As I've been pondering this passage, I've been convicted among other things that many times my responses to ministry and to the challenges and demands of ministry give the world an opinion that serving God is a burden ,when it really is an incredible high calling and blessing. And I know that in my heart. But under pressure a lot of times, I will react and respond in such a way that, if people were to look at my life, they would think that serving God is no fun. Serving God is a headache, it's a burden. That's the opinion of God that I think my life would sometimes give.
As you mother your children, what does your response is to mothering tell the world about what kind of God you have? Does it say that having children is a burden? A problem? Or does it say that receiving God's gifts and calling is a blessing and a joy?
Now, that doesn't mean that we are supposed to pretend that everything is easy, that there is nothing difficult, that we aren't needy. And we are to bear one another's burdens. But ultimately, we need to keep saying to each other, "Yes, I'm having these circumstances. Yes, I'm being stretched in these ways but the truth is God is still good. And God is faithful. And God is meeting my needs.
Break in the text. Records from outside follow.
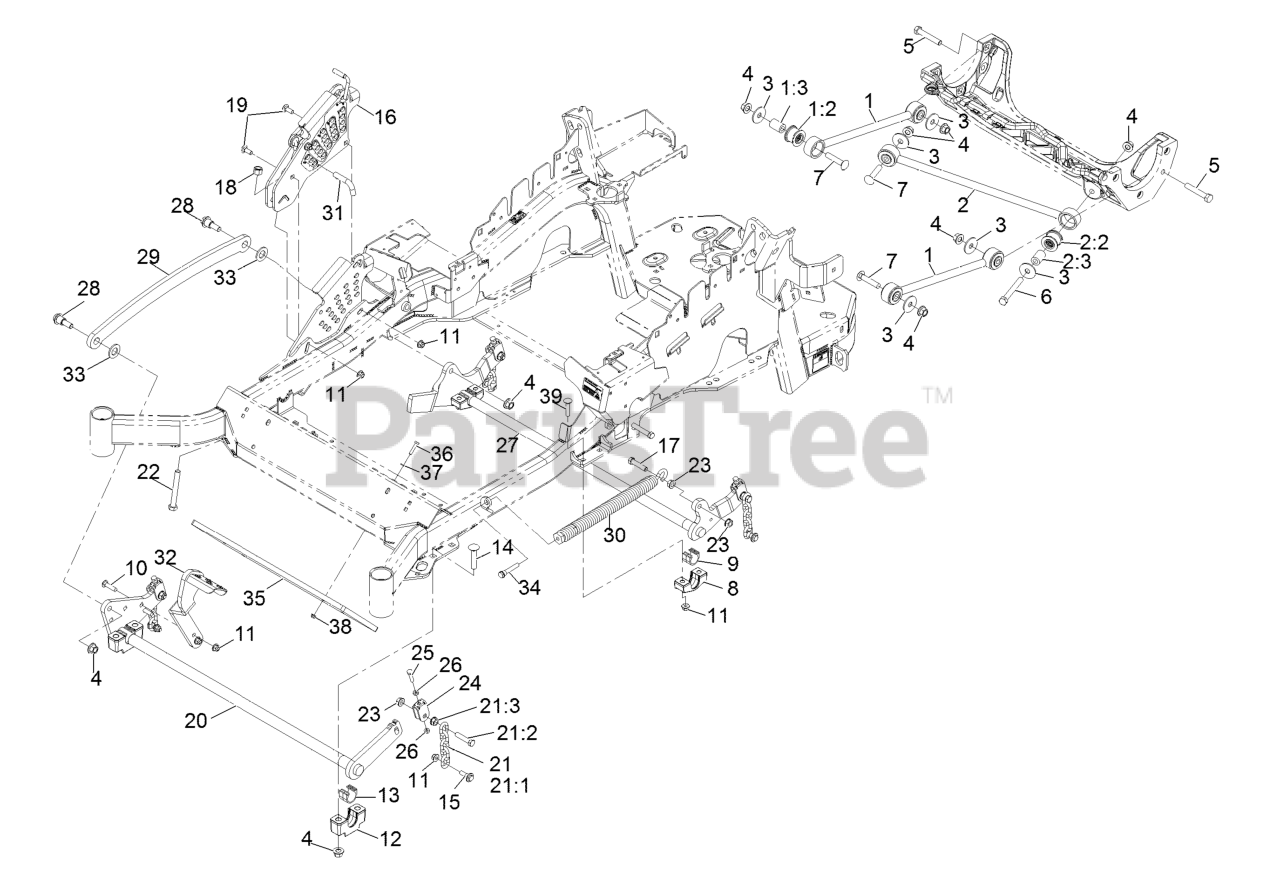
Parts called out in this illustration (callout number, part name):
1	DECK STRUT ASM
1:2	BUSHING-SUSPENSION, RUBBER
2	PANHARD ROD ASM
2:2	BUSHING-SUSPENSION, RUBBER
3	WASHER-THRUST
4	Nut-Lock 1/2-13
5	SCREW-HH
6	SCREW-HH
7	SCREW-CARR
9	BEARING-CROSS SHAFT, REAR
10	SCREW-CARR
11	NUT-HF, NI
12	SUPPORT-CROSS SHAFT, BEARING
13	BEARING-CROSS SHAFT, FRON
14	Bolt-Carriage 1/2-13 X 2 1/2 Spl Neck
15	SCREW-SHOULDER, HHF
16	HOC ASM
17	SCREW-HH
18	NUT-LOCK, NI
19	BOLT-CARR
21	DECK LIFT CHAIN ASM
21:1	CHAIN-LIFT, DECK
21:2	SCREW-HH
22	BOLT-TAP
24	YOKE-ADJUST, DECK
25	SCREW-HH
26	NUT-JAM
27	LIFT-DECK, REAR
28	SCREW-SHOULDER, HHF 1/2-13 X 1.12
29	LINK-LIFT, DECK
30	SPRING-EXTENSION
31	PIN-HOC
32	LEVER-FOOT
33	WASHER-FLAT
34	BOLT-SHOULDER
35	WEIGHT,TOE BOARD
36	SCREW-HH
37	WASHER-FLAT
39	SCREW-CARR

What do people think that God is like based on your responses to the circumstances and challenges of life? Now, at this point, Naomi has repented. She's returned home. But she has yet to go through the process of restoration. There is still a pathway ahead of her as there is for all of us. From here until heaven is how long it lasts. It's a process of being conformed to the image of Christ.
So we read in the last verse of this chapter, Naomi returned from Moab accompanied by Ruth, the Moabitess her daughter-in-law, arriving in Bethlehem as the barley harvest was beginning.
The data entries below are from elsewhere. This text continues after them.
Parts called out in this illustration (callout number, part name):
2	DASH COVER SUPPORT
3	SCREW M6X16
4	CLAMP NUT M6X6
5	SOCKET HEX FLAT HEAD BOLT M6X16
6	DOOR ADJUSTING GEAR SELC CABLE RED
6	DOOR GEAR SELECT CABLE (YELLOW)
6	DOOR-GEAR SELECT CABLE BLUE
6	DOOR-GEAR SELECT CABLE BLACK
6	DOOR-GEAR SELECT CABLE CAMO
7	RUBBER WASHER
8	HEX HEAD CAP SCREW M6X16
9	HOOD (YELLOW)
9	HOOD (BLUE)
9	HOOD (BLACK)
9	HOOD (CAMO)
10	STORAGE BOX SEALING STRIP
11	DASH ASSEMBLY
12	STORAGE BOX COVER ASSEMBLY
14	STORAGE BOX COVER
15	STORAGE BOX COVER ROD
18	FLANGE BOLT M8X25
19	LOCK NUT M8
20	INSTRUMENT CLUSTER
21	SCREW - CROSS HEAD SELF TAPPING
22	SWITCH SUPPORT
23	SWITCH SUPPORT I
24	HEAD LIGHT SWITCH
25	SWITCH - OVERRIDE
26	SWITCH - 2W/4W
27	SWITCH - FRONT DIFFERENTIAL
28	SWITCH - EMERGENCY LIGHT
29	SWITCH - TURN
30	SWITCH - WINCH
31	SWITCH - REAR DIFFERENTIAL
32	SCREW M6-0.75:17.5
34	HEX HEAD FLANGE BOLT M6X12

So this chapter that had so much sorrow, so much grief, so much heaviness, actually ends in hope. It's harvest time. It's a time for fruitfulness. It's a time for in-gathering. It's a time for blessing and thankfulness.
Really the story that we are reading is about how the empty becomes full. Naomi and Elimelech were empty when they left Bethlehem because of the famine ten years earlier. They thought they were going to find fullness in Moab; but instead, they found more heartache, more sorrow, more loss. Now, having repented, the woman whose heart is truly empty and bereaved—she has a lot of cause to be sorrowful and to be heavy-hearted. But now she is coming back to the place where God can bless her.
That doesn't mean that God is going to cause all her problems to go away. That doesn't mean that she is going to immediately have an easy life. It doesn't mean that you are going to immediately have an easy life once you put your life under the Lordship of Christ and begin to live as a repenter. But, there is this glimmer of hope at the end of this passage.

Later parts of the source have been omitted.